A thought-provoking and hotly debated New Yorker short story turned thought-provoking and I’m sure to-be hotly debated movie: Cat Person is the latest treatise on modern dating.

Straight up, this is not as essential as Promising Young Woman which remains the high watermark this strives to reach. Cat Person suffers a little for trying to be everything at once but there’s a lot to like, enjoy and think about here.

The first half actually adapts the text well. The short story is well written and perfectly concise for its purpose but the film takes the changing emotions, the hesitancy, the fluctuations between reality and possibility and articulates them in very clever ways.

20-year-old college student Margot meets mysterious, older stranger Robert and the two forge an initial romance over text. In reality, his interactions are stranger and less easily interpreted and Margot is increasingly suspicious of him as a person.

The film depiction tows a really nice line between romance and horror, switching a pleasant scene on a sixpence. This is helped no end by the score, with some excellent needle-drops and scary strings.
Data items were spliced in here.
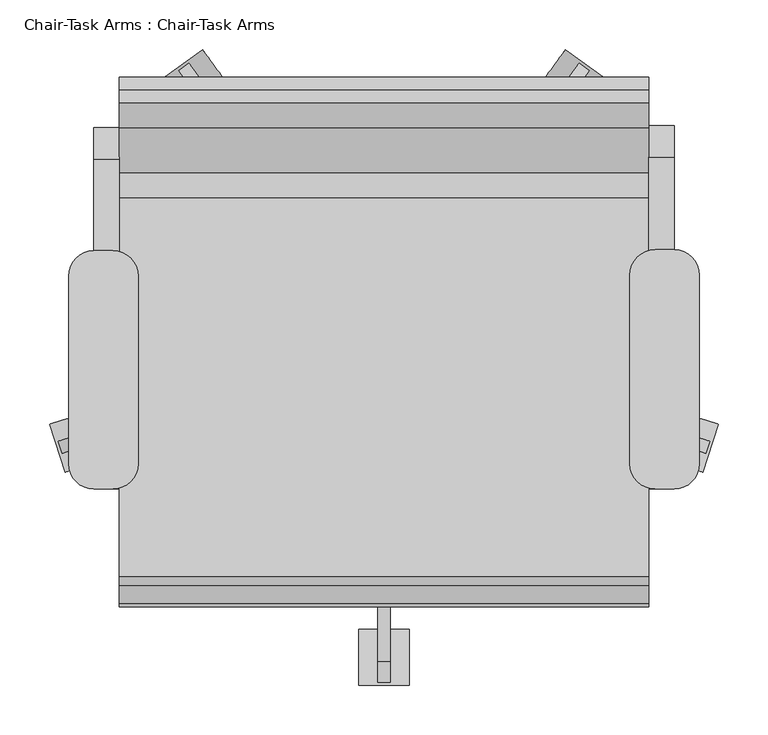
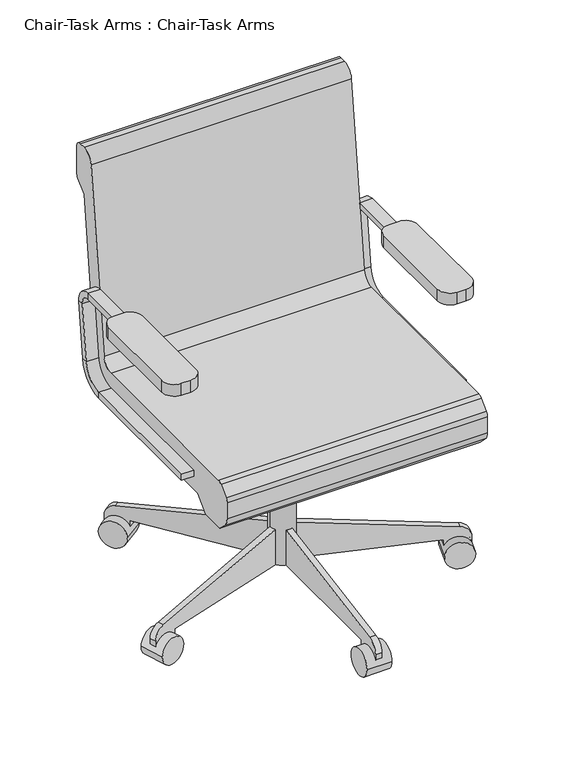
"""IFC4 building model written with IfcOpenShell, lengths in millimetres: furniture geometry, Chair-Task Arms : Chair-Task Arms."""

from ifc_helpers import new_model, si_unit, point, frame, frame_2d, origin, place, context, project, spatial, polyline, circle_curve, trimmed, segment, composite_curve, outline, extrude, source, transform, mapped, element, save
from ifc_brep_helpers import plane_surface, cylinder_surface, revolved_surface, advanced_brep


def chair_task_arms_chair_task_arms_3c69ee15(model_context):
    return source(origin(), model_context, "Body", "SolidModel", [
        extrude(outline(composite_curve([segment(trimmed(circle_curve(frame_2d((433.0908197, 48.8028048)), 25.4), [point((433.0908197, 74.2028048))], [point((458.4908197, 48.8028048))], False, "CARTESIAN"), True, "CONTINUOUS"), segment(polyline([(458.4908197, 48.8028048), (458.4908197, -141.6319091)]), True, "CONTINUOUS"), segment(trimmed(circle_curve(frame_2d((433.0908197, -141.6319091)), 25.4), [point((458.4908197, -141.6319091))], [point((433.0908197, -167.0319091))], False, "CARTESIAN"), True, "CONTINUOUS"), segment(polyline([(433.0908197, -167.0319091), (414.0408197, -167.0319091)]), True, "CONTINUOUS"), segment(trimmed(circle_curve(frame_2d((414.0408197, -141.6319091)), 25.4), [point((414.0408197, -167.0319091))], [point((388.6408197, -141.6319091))], False, "CARTESIAN"), True, "CONTINUOUS"), segment(polyline([(388.6408197, -141.6319091), (388.6408197, 48.8028048)]), True, "CONTINUOUS"), segment(trimmed(circle_curve(frame_2d((414.0408197, 48.8028048)), 25.4), [point((388.6408197, 48.8028048))], [point((414.0408197, 74.2028048))], False, "CARTESIAN"), True, "CONTINUOUS"), segment(polyline([(414.0408197, 74.2028048), (433.0908197, 74.2028048)]), True, "CONTINUOUS")], self_intersect=False)), frame((0.0, 0.0, 596.9), z_axis=(0.0, 0.0, 1.0), x_axis=(1.0, 0.0, 0.0)), (0.0, 0.0, 1.0), 25.4),
        extrude(outline(composite_curve([segment(trimmed(circle_curve(frame_2d((-132.0591803, 47.7575984)), 25.4), [point((-132.0591803, 73.1575984))], [point((-106.6591803, 47.7575984))], False, "CARTESIAN"), True, "CONTINUOUS"), segment(polyline([(-106.6591803, 47.7575984), (-106.6591803, -141.6319091)]), True, "CONTINUOUS"), segment(trimmed(circle_curve(frame_2d((-132.0591803, -141.6319091)), 25.4), [point((-106.6591803, -141.6319091))], [point((-132.0591803, -167.0319091))], False, "CARTESIAN"), True, "CONTINUOUS"), segment(polyline([(-132.0591803, -167.0319091), (-151.1091803, -167.0319091)]), True, "CONTINUOUS"), segment(trimmed(circle_curve(frame_2d((-151.1091803, -141.6319091)), 25.4), [point((-151.1091803, -167.0319091))], [point((-176.5091803, -141.6319091))], False, "CARTESIAN"), True, "CONTINUOUS"), segment(polyline([(-176.5091803, -141.6319091), (-176.5091803, 47.7575984)]), True, "CONTINUOUS"), segment(trimmed(circle_curve(frame_2d((-151.1091803, 47.7575984)), 25.4), [point((-176.5091803, 47.7575984))], [point((-151.1091803, 73.1575984))], False, "CARTESIAN"), True, "CONTINUOUS"), segment(polyline([(-151.1091803, 73.1575984), (-132.0591803, 73.1575984)]), True, "CONTINUOUS")], self_intersect=False)), frame((0.0, 0.0, 596.9), z_axis=(0.0, 0.0, 1.0), x_axis=(1.0, 0.0, 0.0)), (0.0, 0.0, 1.0), 25.4),
        advanced_brep(
        [(-151.1091803, -167.0319091, 412.75), (-125.7091803, -167.0319091, 412.75), (-125.7091803, -167.0319091, 425.45), (-151.1091803, -167.0319091, 425.45), (-151.1091803, 126.2388651, 425.45), (-151.1091803, 126.2388651, 412.75), (-125.7091803, 126.2388651, 425.45), (-125.7091803, 126.2388651, 412.75), (-151.1091803, 170.3844094, 464.7064065), (-151.1091803, 182.9974221, 463.2225227), (-125.7091803, 170.3844094, 464.7064065), (-125.7091803, 182.9974221, 463.2225227), (-151.1091803, 184.1806174, 581.9741742), (-151.1091803, 196.7936301, 580.4902904), (-125.7091803, 184.1806174, 581.9741742), (-125.7091803, 196.7936301, 580.4902904), (-151.1091803, 165.2610984, 603.25), (-151.1091803, 165.2610984, 615.95), (-125.7091803, 165.2610984, 603.25), (-125.7091803, 165.2610984, 615.95), (-151.1091803, -18.9459016, 615.95), (-151.1091803, -18.9459016, 603.25), (-125.7091803, -18.9459016, 603.25), (-125.7091803, -18.9459016, 615.95)],
        [
            (0, 1),
            (1, 2),
            (2, 3),
            (3, 0),
            (3, 4),
            (4, 5),
            (5, 0),
            (2, 6),
            (6, 4),
            (1, 7),
            (7, 6),
            (5, 7),
            (8, 9),
            (9, 5, circle_curve(frame((-151.1091803, 126.2388651, 469.9), z_axis=(-1.0, 0.0, 0.0), x_axis=(0.0, 0.0, -1.0)), 57.15)),
            (4, 8, circle_curve(frame((-151.1091803, 126.2388651, 469.9), z_axis=(1.0, 0.0, 0.0), x_axis=(0.0, 0.0, -1.0)), 44.45)),
            (10, 8),
            (6, 10, circle_curve(frame((-125.7091803, 126.2388651, 469.9), z_axis=(1.0, 0.0, 0.0), x_axis=(0.0, 0.0, -1.0)), 44.45)),
            (11, 10),
            (7, 11, circle_curve(frame((-125.7091803, 126.2388651, 469.9), z_axis=(1.0, 0.0, 0.0), x_axis=(0.0, 0.0, -1.0)), 57.15)),
            (9, 11),
            (8, 12),
            (12, 13),
            (13, 9),
            (10, 14),
            (14, 12),
            (11, 15),
            (15, 14),
            (13, 15),
            (16, 17),
            (17, 13, circle_curve(frame((-151.1091803, 165.2610984, 584.2), z_axis=(-1.0, 0.0, 0.0), x_axis=(0.0, 0.9931506043228768, -0.11684124756739202)), 31.75)),
            (12, 16, circle_curve(frame((-151.1091803, 165.2610984, 584.2), z_axis=(1.0, 0.0, 0.0), x_axis=(0.0, 0.9931506043228768, -0.11684124756739202)), 19.05)),
            (18, 16),
            (14, 18, circle_curve(frame((-125.7091803, 165.2610984, 584.2), z_axis=(1.0, 0.0, 0.0), x_axis=(0.0, 0.9931506043228768, -0.11684124756739202)), 19.05)),
            (19, 18),
            (15, 19, circle_curve(frame((-125.7091803, 165.2610984, 584.2), z_axis=(1.0, 0.0, 0.0), x_axis=(0.0, 0.9931506043228768, -0.11684124756739202)), 31.75)),
            (17, 19),
            (20, 21),
            (21, 22),
            (22, 23),
            (23, 20),
            (16, 21),
            (20, 17),
            (18, 22),
            (19, 23),
        ],
        [
            plane_surface(frame((-152.608212, -167.0319091, 419.1), z_axis=(0.0, -1.0, 0.0), x_axis=(0.0, 0.0, -1.0))),
            plane_surface(frame((-151.1091803, -167.0319091, 412.75), z_axis=(-1.0, 0.0, 0.0), x_axis=(0.0, 1.0, 0.0))),
            plane_surface(frame((-151.1091803, -167.0319091, 425.45), z_axis=(0.0, 0.0, 1.0), x_axis=(0.0, 1.0, 0.0))),
            plane_surface(frame((-125.7091803, -167.0319091, 425.45), z_axis=(1.0, 0.0, 0.0), x_axis=(0.0, 1.0, 0.0))),
            plane_surface(frame((-125.7091803, -167.0319091, 412.75), z_axis=(0.0, 0.0, -1.0), x_axis=(0.0, 1.0, 0.0))),
            plane_surface(frame((-151.1091803, 126.2388651, 469.9), z_axis=(-1.0, 0.0, 0.0), x_axis=(0.0, 0.0, -1.0))),
            revolved_surface(polyline([(-151.1091803, 126.2388651, 425.45), (-125.7091803, 126.2388651, 425.45)]), (-138.4091803, 126.2388651, 469.9), (-1.0, 0.0, 0.0)),
            plane_surface(frame((-125.7091803, 126.2388651, 469.9), z_axis=(1.0, 0.0, 0.0), x_axis=(0.0, 0.0, -1.0))),
            cylinder_surface(frame((-138.4091803, 126.2388651, 469.9), z_axis=(-1.0, 0.0, 0.0), x_axis=(0.0, 0.0, -1.0)), 57.15),
            plane_surface(frame((-151.1091803, 182.9974221, 463.2225227), z_axis=(-1.0, 0.0, 0.0), x_axis=(0.0, 0.1168412475673856, 0.9931506043228776))),
            plane_surface(frame((-151.1091803, 170.3844094, 464.7064065), z_axis=(0.0, -0.9931506043228776, 0.1168412475673856), x_axis=(0.0, 0.1168412475673856, 0.9931506043228776))),
            plane_surface(frame((-125.7091803, 170.3844094, 464.7064065), z_axis=(1.0, 0.0, 0.0), x_axis=(0.0, 0.1168412475673856, 0.9931506043228776))),
            plane_surface(frame((-125.7091803, 182.9974221, 463.2225227), z_axis=(0.0, 0.9931506043228776, -0.1168412475673856), x_axis=(0.0, 0.1168412475673856, 0.9931506043228776))),
            plane_surface(frame((-151.1091803, 165.2610984, 584.2), z_axis=(-1.0, 0.0, 0.0), x_axis=(0.0, 0.9931506043228768, -0.11684124756739202))),
            revolved_surface(polyline([(-151.1091803, 184.1806174123508, 581.9741742338413), (-125.7091803, 184.1806174123508, 581.9741742338413)]), (-138.4091803, 165.2610984, 584.2), (-1.0, 0.0, 0.0)),
            plane_surface(frame((-125.7091803, 165.2610984, 584.2), z_axis=(1.0, 0.0, 0.0), x_axis=(0.0, 0.9931506043228768, -0.11684124756739202))),
            cylinder_surface(frame((-138.4091803, 165.2610984, 584.2), z_axis=(-1.0, 0.0, 0.0), x_axis=(0.0, 0.9931506043228768, -0.11684124756739202)), 31.75),
            plane_surface(frame((-152.608212, -18.9459016, 609.6), z_axis=(0.0, -1.0, 0.0), x_axis=(0.0, 0.0, 1.0))),
            plane_surface(frame((-151.1091803, 165.2610984, 615.95), z_axis=(-1.0, 0.0, 0.0), x_axis=(0.0, -1.0, 0.0))),
            plane_surface(frame((-151.1091803, 165.2610984, 603.25), z_axis=(0.0, 0.0, -1.0), x_axis=(0.0, -1.0, 0.0))),
            plane_surface(frame((-125.7091803, 165.2610984, 603.25), z_axis=(1.0, 0.0, 0.0), x_axis=(0.0, -1.0, 0.0))),
            plane_surface(frame((-125.7091803, 165.2610984, 615.95), z_axis=(0.0, 0.0, 1.0), x_axis=(0.0, -1.0, 0.0))),
        ],
        [
            (0, [[1, 2, 3, 4]]),
            (1, [[5, 6, 7, -4]]),
            (2, [[8, 9, -5, -3]]),
            (3, [[10, 11, -8, -2]]),
            (4, [[-7, 12, -10, -1]]),
            (5, [[13, 14, -6, 15]]),
            (6, [[16, -15, -9, 17]]),
            (7, [[18, -17, -11, 19]]),
            (8, [[20, -19, -12, -14]]),
            (9, [[21, 22, 23, -13]]),
            (10, [[24, 25, -21, -16]]),
            (11, [[26, 27, -24, -18]]),
            (12, [[-23, 28, -26, -20]]),
            (13, [[29, 30, -22, 31]]),
            (14, [[32, -31, -25, 33]]),
            (15, [[34, -33, -27, 35]]),
            (16, [[36, -35, -28, -30]]),
            (17, [[37, 38, 39, 40]]),
            (18, [[41, -37, 42, -29]]),
            (19, [[43, -38, -41, -32]]),
            (20, [[44, -39, -43, -34]]),
            (21, [[-42, -40, -44, -36]]),
        ],
    ),
        advanced_brep(
        [(433.0908197, -167.0319091, 425.45), (407.6908197, -167.0319091, 425.45), (407.6908197, -167.0319091, 412.75), (433.0908197, -167.0319091, 412.75), (433.0908197, 128.329278, 412.75), (433.0908197, 128.329278, 425.45), (407.6908197, 128.329278, 412.75), (407.6908197, 128.329278, 425.45), (433.0908197, 185.0878351, 463.2225227), (433.0908197, 172.4748224, 464.7064065), (407.6908197, 185.0878351, 463.2225227), (407.6908197, 172.4748224, 464.7064065), (433.0908197, 198.884043, 580.4902904), (433.0908197, 186.2710303, 581.9741742), (407.6908197, 198.884043, 580.4902904), (407.6908197, 186.2710303, 581.9741742), (433.0908197, 167.3515113, 615.95), (433.0908197, 167.3515113, 603.25), (407.6908197, 167.3515113, 615.95), (407.6908197, 167.3515113, 603.25), (433.0908197, -18.9459016, 603.25), (433.0908197, -18.9459016, 615.95), (407.6908197, -18.9459016, 615.95), (407.6908197, -18.9459016, 603.25)],
        [
            (0, 1),
            (1, 2),
            (2, 3),
            (3, 0),
            (3, 4),
            (4, 5),
            (5, 0),
            (2, 6),
            (6, 4),
            (1, 7),
            (7, 6),
            (5, 7),
            (8, 9),
            (9, 5, circle_curve(frame((433.0908197, 128.329278, 469.9), z_axis=(-1.0, 0.0, 0.0), x_axis=(0.0, 0.0, -1.0)), 44.45)),
            (4, 8, circle_curve(frame((433.0908197, 128.329278, 469.9), z_axis=(1.0, 0.0, 0.0), x_axis=(0.0, 0.0, -1.0)), 57.15)),
            (10, 8),
            (6, 10, circle_curve(frame((407.6908197, 128.329278, 469.9), z_axis=(1.0, 0.0, 0.0), x_axis=(0.0, 0.0, -1.0)), 57.15)),
            (11, 10),
            (7, 11, circle_curve(frame((407.6908197, 128.329278, 469.9), z_axis=(1.0, 0.0, 0.0), x_axis=(0.0, 0.0, -1.0)), 44.45)),
            (9, 11),
            (8, 12),
            (12, 13),
            (13, 9),
            (10, 14),
            (14, 12),
            (11, 15),
            (15, 14),
            (13, 15),
            (16, 17),
            (17, 13, circle_curve(frame((433.0908197, 167.3515113, 584.2), z_axis=(-1.0, 0.0, 0.0), x_axis=(0.0, 0.9931506043228767, -0.1168412475673929)), 19.05)),
            (12, 16, circle_curve(frame((433.0908197, 167.3515113, 584.2), z_axis=(1.0, 0.0, 0.0), x_axis=(0.0, 0.9931506043228767, -0.1168412475673929)), 31.75)),
            (18, 16),
            (14, 18, circle_curve(frame((407.6908197, 167.3515113, 584.2), z_axis=(1.0, 0.0, 0.0), x_axis=(0.0, 0.9931506043228767, -0.1168412475673929)), 31.75)),
            (19, 18),
            (15, 19, circle_curve(frame((407.6908197, 167.3515113, 584.2), z_axis=(1.0, 0.0, 0.0), x_axis=(0.0, 0.9931506043228767, -0.1168412475673929)), 19.05)),
            (17, 19),
            (20, 21),
            (21, 22),
            (22, 23),
            (23, 20),
            (16, 21),
            (20, 17),
            (18, 22),
            (19, 23),
        ],
        [
            plane_surface(frame((406.191788, -167.0319091, 419.1), z_axis=(0.0, -1.0, 0.0), x_axis=(0.0, 0.0, -1.0))),
            plane_surface(frame((433.0908197, -167.0319091, 425.45), z_axis=(1.0, 0.0, 0.0), x_axis=(0.0, 1.0, 0.0))),
            plane_surface(frame((433.0908197, -167.0319091, 412.75), z_axis=(0.0, 0.0, -1.0), x_axis=(0.0, 1.0, 0.0))),
            plane_surface(frame((407.6908197, -167.0319091, 412.75), z_axis=(-1.0, 0.0, 0.0), x_axis=(0.0, 1.0, 0.0))),
            plane_surface(frame((407.6908197, -167.0319091, 425.45), z_axis=(0.0, 0.0, 1.0), x_axis=(0.0, 1.0, 0.0))),
            plane_surface(frame((433.0908197, 128.329278, 469.9), z_axis=(1.0, 0.0, 0.0), x_axis=(0.0, 0.0, -1.0))),
            cylinder_surface(frame((420.3908197, 128.329278, 469.9), z_axis=(-1.0, 0.0, 0.0), x_axis=(0.0, 0.0, -1.0)), 57.15),
            plane_surface(frame((407.6908197, 128.329278, 469.9), z_axis=(-1.0, 0.0, 0.0), x_axis=(0.0, 0.0, -1.0))),
            revolved_surface(polyline([(407.6908197, 128.329278, 425.45), (433.0908197, 128.329278, 425.45)]), (420.3908197, 128.329278, 469.9), (-1.0, 0.0, 0.0)),
            plane_surface(frame((433.0908197, 172.4748224, 464.7064065), z_axis=(1.0, 0.0, 0.0), x_axis=(0.0, 0.11684124756738626, 0.9931506043228775))),
            plane_surface(frame((433.0908197, 185.0878351, 463.2225227), z_axis=(0.0, 0.9931506043228775, -0.11684124756738655), x_axis=(0.0, 0.11684124756738655, 0.9931506043228775))),
            plane_surface(frame((407.6908197, 185.0878351, 463.2225227), z_axis=(-1.0, 0.0, 0.0), x_axis=(0.0, 0.11684124756738626, 0.9931506043228775))),
            plane_surface(frame((407.6908197, 172.4748224, 464.7064065), z_axis=(0.0, -0.9931506043228775, 0.11684124756738626), x_axis=(0.0, 0.11684124756738626, 0.9931506043228775))),
            plane_surface(frame((433.0908197, 167.3515113, 584.2), z_axis=(1.0, 0.0, 0.0), x_axis=(0.0, 0.9931506043228767, -0.1168412475673929))),
            cylinder_surface(frame((420.3908197, 167.3515113, 584.2), z_axis=(-1.0, 0.0, 0.0), x_axis=(0.0, 0.9931506043228767, -0.1168412475673929)), 31.75),
            plane_surface(frame((407.6908197, 167.3515113, 584.2), z_axis=(-1.0, 0.0, 0.0), x_axis=(0.0, 0.9931506043228767, -0.1168412475673929))),
            revolved_surface(polyline([(407.6908197, 186.2710303123508, 581.9741742338412), (433.0908197, 186.2710303123508, 581.9741742338412)]), (420.3908197, 167.3515113, 584.2), (-1.0, 0.0, 0.0)),
            plane_surface(frame((406.191788, -18.9459016, 609.6), z_axis=(0.0, -1.0, 0.0), x_axis=(0.0, 0.0, 1.0))),
            plane_surface(frame((433.0908197, 167.3515113, 603.25), z_axis=(1.0, 0.0, 0.0), x_axis=(0.0, -1.0, 0.0))),
            plane_surface(frame((433.0908197, 167.3515113, 615.95), z_axis=(0.0, 0.0, 1.0), x_axis=(0.0, -1.0, 0.0))),
            plane_surface(frame((407.6908197, 167.3515113, 615.95), z_axis=(-1.0, 0.0, 0.0), x_axis=(0.0, -1.0, 0.0))),
            plane_surface(frame((407.6908197, 167.3515113, 603.25), z_axis=(0.0, 0.0, -1.0), x_axis=(0.0, -1.0, 0.0))),
        ],
        [
            (0, [[1, 2, 3, 4]]),
            (1, [[5, 6, 7, -4]]),
            (2, [[8, 9, -5, -3]]),
            (3, [[10, 11, -8, -2]]),
            (4, [[-7, 12, -10, -1]]),
            (5, [[13, 14, -6, 15]]),
            (6, [[16, -15, -9, 17]]),
            (7, [[18, -17, -11, 19]]),
            (8, [[20, -19, -12, -14]]),
            (9, [[21, 22, 23, -13]]),
            (10, [[24, 25, -21, -16]]),
            (11, [[26, 27, -24, -18]]),
            (12, [[-23, 28, -26, -20]]),
            (13, [[29, 30, -22, 31]]),
            (14, [[32, -31, -25, 33]]),
            (15, [[34, -33, -27, 35]]),
            (16, [[36, -35, -28, -30]]),
            (17, [[37, 38, 39, 40]]),
            (18, [[41, -37, 42, -29]]),
            (19, [[43, -38, -41, -32]]),
            (20, [[44, -39, -43, -34]]),
            (21, [[-42, -40, -44, -36]]),
        ],
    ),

We flip flop with Margot as her feelings towards Robert morph and the film uses some ingenious ways to get us into her psyche.

The nature of it being a short story, however, is where things get a little contentious. Without spoiling anything, the written piece ends with a definitive answer as to what type of character Robert really is. Here, that scene comes somewhere in the middle, with a third act denouement coming completely out of leftfield, nigh on bludgeoning the viewer in the face with increasingly unlikely developments and just falling too far away from the message it's trying to convey.

It half works, but loses the subtlety and nuances of the female experience we vicariously live through across the first part of the film. It also feels a tiny bit unedited, with a few lost story threads and holes popping up that could have easily been rectified.

By veering too far into horror/thriller territory, Cat Person loses its chance to sit at the top table with the aforementioned Promising Young Woman as a new-school relationship study and an effective ‘message movie’. It gets a lot right though and is a solid and enjoyable watch that just veers too far off track.